Forensic Scientists - Under Prosecution's Thumb? (p. 1) - Sparrow Law Firm

Timing is everything. The Raleigh newspaper that brought the problems at the North Carolina State Bureau of Investigation crime lab to light recently criticized state officials for not promptly turning over documents requested under the public records law. One of the principal complaints about the SBI had been its close ties to law enforcement. The slow response of the attorney general’s office seemed to add fuel to that fire.

A little more than a week earlier, a newspaper 1,200 miles away printed a story about that state’s medical examiners and prosecutors’ objections to the state-employed pathologists testifying for the defense. Dismissed as chance?

As the Raleigh series of articles pointed out, the National Academy of Sciences found it troubling that many forensic scientists in the United States were operating under the supervision of or in partnership with law enforcement agencies.
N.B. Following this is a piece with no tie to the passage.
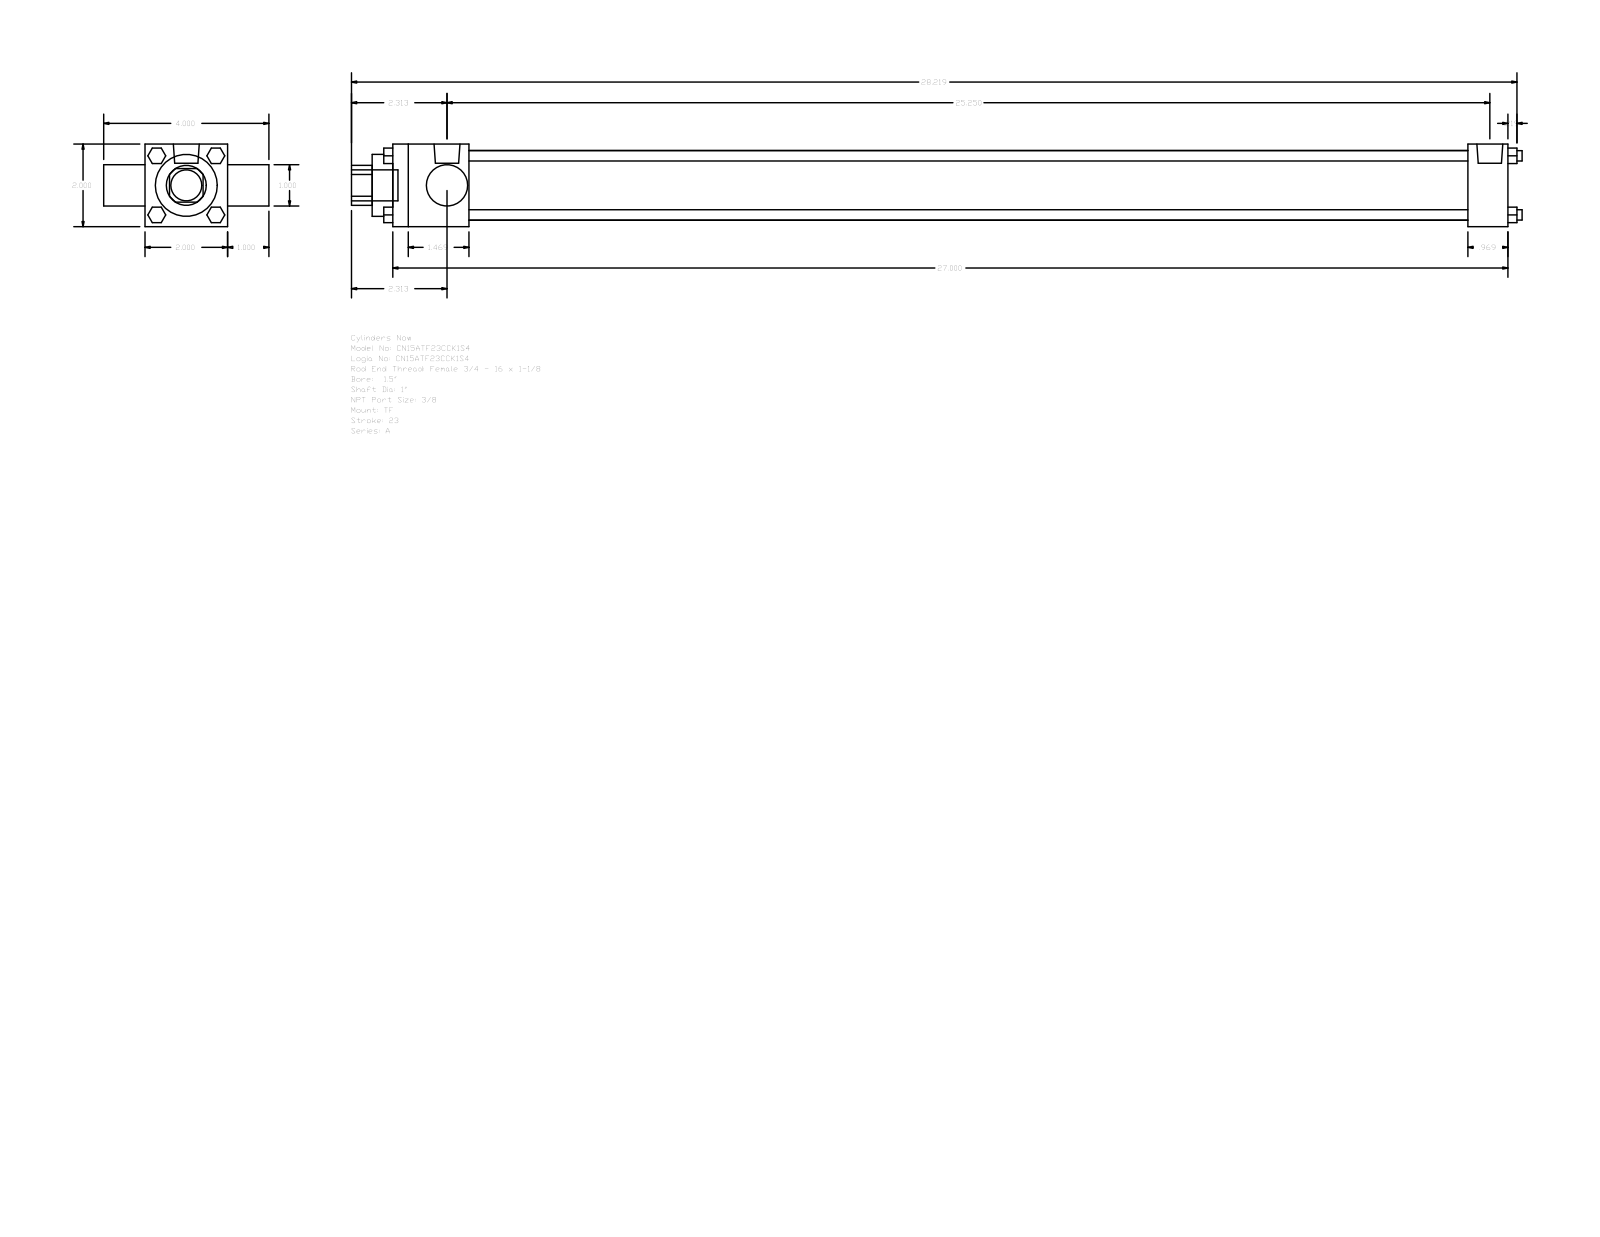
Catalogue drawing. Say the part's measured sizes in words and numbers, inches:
The part is named "A_TF__0150_1". Its 3-D file was written by "GSSL Pune (CONFIG_CONTROL_DESIGN)". It is 0 solids with 120 faces: 92 planar, 28 cylindrical and 0 other. Overall it measures 28.344 by 4 by 2 inches. Round holes: 2 of diameter 1, 1 of diameter 1.5, 1 of diameter 1.69. Round bosses or shafts: 4 of diameter 0.25, 3 of diameter 0.219, 2 of diameter 0.627, 1 of diameter 0.75. Partial cylindrical surfaces (rounded edges, fillets, slot ends): 1 of radius 0.484. The main face-to-face distances are 2, 1, 27, 3, 1.844, 26.031, 24.187, 25.156, 0.969, 0.5.

The academy’s report to Congress last year included recommendations that the government appropriate funds to sever the ties between public forensic labs and law enforcement.

The academy also recommended that state and local death investigation systems be replaced with regional medical examiner offices. The existing “hodgepodge” of state and local systems makes standardization a nightmare prospect.

The regional medical examiner model would have saved more than one of Minnesota’s medical examiners some anxiety. An assistant medical examiner, whose jurisdiction covers eight counties, claims that she was threatened after she testified for the defendant in a particularly gruesome murder case. She said prosecutors threatened to keep her from teaching at the state crime lab — she’d taught there for eight years — and told her they would file a complaint about her with the state disciplinary agency.